Que ferons-nous ? Toi, à coup sûr, tu vas faire de la désolation et moi de la consolation. Je ne sais à quoi tiennent nos destinées ; tu les regardes passer, tu les critiques, tu t’abstiens littérairement de les apprécier, tu te bornes à les peindre en cachant ton sentiment personnel avec grand soin, par système. Pourtant on le voit bien à travers ton récit, et tu rends plus tristes les gens qui te lisent. Moi, je voudrais les rendre moins malheureux. Je ne puis oublier que ma victoire personnelle sur le désespoir a été l’ouvrage de ma volonté et d’une nouvelle manière de comprendre qui est tout l’opposé de celle que j’avais autrefois.
Je sais que tu blâmes l’intervention de la doctrine personnelle dans la littérature. As-tu raison ? n’est-ce pas plutôt manque de conviction que principe d’esthétique ? On ne peut pas avoir une philosophie dans l’âme sans qu’elle se fasse jour. Je n’ai pas de conseils littéraires à te donner, je n’ai pas de jugement à formuler sur les écrivains tes amis dont tu me parles. J’ai dit moi-même aux Goncourt toute ma pensée ; quant aux autres, je crois fermement qu’ils ont plus d’étude et de talent que moi. Seulement, je crois qu’il leur manque et à toi surtout, une vue bien arrêtée et bien étendue sur la vie. L’art n’est pas seulement de la peinture. La vraie peinture est, d’ailleurs, pleine de l’âme qui pousse la brosse. L’art n’est pas seulement de la critique et de la satire : critique et satire ne peignent qu’une face du vrai.
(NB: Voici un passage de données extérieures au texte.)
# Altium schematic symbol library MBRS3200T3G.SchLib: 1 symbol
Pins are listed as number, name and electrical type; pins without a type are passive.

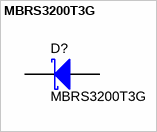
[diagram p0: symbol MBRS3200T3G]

## MBRS3200T3G
designator D?
DIODE SCHOTTKY 3A 200V SMB; Manufacturer: ON Semiconductor; Alternate Manufacturer: Any; Alternate PartNumber: Equivalent; U/M: EA; Vf_V: 0.43; Io_A: 3; Vr_V: 200; Value: 0.43V
signal-integrity model Diode
simulation model MBRS2040LT3
footprint SMB
pins: 1 K, 2 A

Je veux voir l’homme tel qu’il est. Il n’est pas bon ou mauvais, il est bon et mauvais. Mais il est quelque chose encore,… — la nuance ! la nuance qui est pour moi le but de l’art, — étant bon et mauvais, il a une force intérieure qui le conduit à être très mauvais et un peu bon, — ou très bon et un peu mauvais.
Il me semble que ton école ne se préoccupe pas du fond des choses et qu’elle s’arrête trop à la surface. À force de chercher la forme, elle fait trop bon marché du fond, elle s’adresse aux lettrés. Mais il n’y a pas de lettrés proprement dits. On est homme avant tout. On veut trouver l’homme au fond de toute histoire et de tout fait. Ç’a été le défaut de l’Éducation sentimentale, à laquelle j’ai tant réfléchi depuis, me demandant pourquoi tant d’humeur contre un ouvrage si bien fait et si solide. Ce défaut, c’était l’absence d’action des personnages sur eux-mêmes. Ils subissaient le fait et ne s’en emparaient jamais. Eh bien, je crois que le principal intérêt d’une histoire, c’est ce que tu n’as pas voulu faire. À ta place, j’essayerais le contraire, tu te renourris pour le moment de Shakspeare, et bien tu fais ! c’est celui-là qui met les hommes aux prises avec les faits ; remarque que, par eux, soit en bien, soit en mal, le fait est toujours vaincu. Ils l’écrasent ou ils s’écrasent avec lui.
La politique est une comédie en ce moment. Nous avions eu la tragédie, finirons-nous par l’opéra ou par l’opérette ? Je lis consciencieusement mon journal tous les matins ; mais, hors ce moment-là, il m’est impossible d’y penser et de m’y intéresser. C’est que tout cela est absolument vide d’un idéal quelconque, et que je ne puis m’intéresser à aucun des personnages qui font cette cuisine. Tous sont esclaves du fait, parce qu’ils sont nés esclaves d’eux-mêmes.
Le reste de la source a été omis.